Изменить стиль страницы

— Да-да. Проследить, не увиваются ли около родника подозрительные личности.

— Во! Истинную правду говоришь, — усмехнулся Данька.

— В смысле?

— Ну… ты ведь чихнул. Значит, правду говоришь.

— Чихнул? — удивился я. Действительно, я, кажется, чихнул несколько секунд назад — от пыли. Но при чем здесь истинная правда?

— Есть такая народная примета, — лениво пояснил Данька. — Якобы если чихаешь во время беседы, значит, не врешь.

— Гм. Забавно. Не слышал.

— А еще мне дед рассказывал, раньше было такое развлечение: нюхнуть дыма возле костра — и сразу бежать вдоль девичьего хоровода. Возле которой девки чихнешь — это и есть будущая невеста.

Я вздрогнул. Что-то знакомое — мистика закохания, знакомая по былинам…

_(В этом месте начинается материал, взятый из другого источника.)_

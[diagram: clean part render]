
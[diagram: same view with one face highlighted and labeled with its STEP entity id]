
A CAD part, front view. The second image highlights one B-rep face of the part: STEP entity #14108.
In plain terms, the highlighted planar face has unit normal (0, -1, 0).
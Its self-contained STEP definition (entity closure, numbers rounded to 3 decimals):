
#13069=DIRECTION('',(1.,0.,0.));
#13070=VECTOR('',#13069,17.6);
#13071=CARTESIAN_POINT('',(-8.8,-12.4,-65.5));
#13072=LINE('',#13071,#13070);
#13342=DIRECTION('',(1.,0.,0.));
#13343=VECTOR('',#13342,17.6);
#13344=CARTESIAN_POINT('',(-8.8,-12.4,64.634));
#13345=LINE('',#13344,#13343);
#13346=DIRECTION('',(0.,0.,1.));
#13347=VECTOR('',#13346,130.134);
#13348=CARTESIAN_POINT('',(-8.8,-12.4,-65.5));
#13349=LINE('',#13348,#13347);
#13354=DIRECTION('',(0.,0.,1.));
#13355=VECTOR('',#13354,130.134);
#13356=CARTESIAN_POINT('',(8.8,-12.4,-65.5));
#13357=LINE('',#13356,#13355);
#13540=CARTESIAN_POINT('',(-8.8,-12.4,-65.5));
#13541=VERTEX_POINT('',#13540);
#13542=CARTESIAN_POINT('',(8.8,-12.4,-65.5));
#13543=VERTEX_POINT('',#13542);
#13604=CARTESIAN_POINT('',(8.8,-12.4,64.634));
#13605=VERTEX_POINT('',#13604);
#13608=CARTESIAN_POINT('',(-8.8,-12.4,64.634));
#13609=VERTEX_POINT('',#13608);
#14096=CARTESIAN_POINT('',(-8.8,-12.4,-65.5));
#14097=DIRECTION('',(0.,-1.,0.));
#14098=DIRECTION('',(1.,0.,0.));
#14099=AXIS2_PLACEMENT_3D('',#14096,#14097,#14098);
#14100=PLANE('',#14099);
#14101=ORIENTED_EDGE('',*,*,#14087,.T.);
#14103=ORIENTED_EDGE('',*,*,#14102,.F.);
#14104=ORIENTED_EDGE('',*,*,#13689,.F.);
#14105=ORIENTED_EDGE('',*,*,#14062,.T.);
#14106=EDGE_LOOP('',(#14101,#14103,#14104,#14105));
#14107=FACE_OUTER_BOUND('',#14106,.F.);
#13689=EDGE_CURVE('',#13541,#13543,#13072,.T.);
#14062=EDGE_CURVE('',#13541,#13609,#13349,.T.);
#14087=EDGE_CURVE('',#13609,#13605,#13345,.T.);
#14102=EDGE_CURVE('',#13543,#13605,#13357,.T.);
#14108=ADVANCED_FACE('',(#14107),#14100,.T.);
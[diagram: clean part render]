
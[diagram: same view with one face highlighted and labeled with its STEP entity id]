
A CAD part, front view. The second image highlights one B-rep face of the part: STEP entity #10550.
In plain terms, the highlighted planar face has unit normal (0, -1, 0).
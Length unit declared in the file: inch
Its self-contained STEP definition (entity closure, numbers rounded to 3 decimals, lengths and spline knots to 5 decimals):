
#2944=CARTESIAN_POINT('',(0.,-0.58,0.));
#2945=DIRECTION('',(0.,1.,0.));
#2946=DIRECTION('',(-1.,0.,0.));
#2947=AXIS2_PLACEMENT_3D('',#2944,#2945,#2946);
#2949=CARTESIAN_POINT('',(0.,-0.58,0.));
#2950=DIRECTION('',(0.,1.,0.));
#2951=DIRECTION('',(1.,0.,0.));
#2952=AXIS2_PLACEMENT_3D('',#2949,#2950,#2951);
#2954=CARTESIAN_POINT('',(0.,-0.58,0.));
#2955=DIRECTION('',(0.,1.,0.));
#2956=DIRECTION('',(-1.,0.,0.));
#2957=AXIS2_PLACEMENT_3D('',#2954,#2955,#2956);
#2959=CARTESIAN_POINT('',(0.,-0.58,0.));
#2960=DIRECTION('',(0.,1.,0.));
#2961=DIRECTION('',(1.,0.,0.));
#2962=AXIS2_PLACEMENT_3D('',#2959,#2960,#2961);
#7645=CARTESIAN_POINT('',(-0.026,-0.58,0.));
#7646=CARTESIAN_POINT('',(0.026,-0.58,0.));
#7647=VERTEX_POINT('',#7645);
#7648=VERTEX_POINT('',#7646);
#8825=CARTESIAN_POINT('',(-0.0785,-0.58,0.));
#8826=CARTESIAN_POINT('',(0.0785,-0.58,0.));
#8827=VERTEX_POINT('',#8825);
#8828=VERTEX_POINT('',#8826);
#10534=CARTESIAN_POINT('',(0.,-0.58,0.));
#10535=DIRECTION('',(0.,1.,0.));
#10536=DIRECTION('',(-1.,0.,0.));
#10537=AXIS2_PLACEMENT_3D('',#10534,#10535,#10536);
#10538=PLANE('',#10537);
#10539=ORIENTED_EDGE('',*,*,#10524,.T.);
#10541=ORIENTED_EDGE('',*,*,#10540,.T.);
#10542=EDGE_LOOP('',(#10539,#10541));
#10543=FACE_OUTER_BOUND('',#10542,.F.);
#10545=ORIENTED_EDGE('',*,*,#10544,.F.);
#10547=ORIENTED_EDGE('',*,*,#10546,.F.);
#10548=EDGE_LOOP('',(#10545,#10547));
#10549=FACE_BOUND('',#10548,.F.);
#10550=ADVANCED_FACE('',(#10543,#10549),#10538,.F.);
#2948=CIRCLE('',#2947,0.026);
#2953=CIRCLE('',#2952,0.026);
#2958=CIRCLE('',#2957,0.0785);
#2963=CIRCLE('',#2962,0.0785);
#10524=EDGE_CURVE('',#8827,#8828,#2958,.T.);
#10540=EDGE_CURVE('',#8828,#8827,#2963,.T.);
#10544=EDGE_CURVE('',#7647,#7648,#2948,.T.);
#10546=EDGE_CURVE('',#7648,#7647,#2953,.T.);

— Ну конечно, Даня! Теперь я вспомнил! Это же называется… суженая-ряженая, чоханая-коханая! На ком душа закохается, того и под венец вести… У Афанасьева есть в «Поэтических воззрениях славян на природу»! Господи, Данька! Ты понял?!

— Понял, Алеша, понял. Кохан-ключ — это…

— Любимый ключ! Ключ любви! По-малоросски «коханый» означает — «возлюбленный»!

— Девка.

— Что?

— Девка, девка. Кохан-ключ — это любимая женщина!

— Ох, как изящно задумано… Я чувствую, мы почти нащупали…

— Баба, которая влюбится в Чурилу? И… и…

— Откроет ему ворота крепости? Данька глянул серьезно:

— Почему бы нет… Очарованная девка. Сидит в тесном тереме и плачет. Ждет возлюбленного… Очень похоже на Чурилин почерк.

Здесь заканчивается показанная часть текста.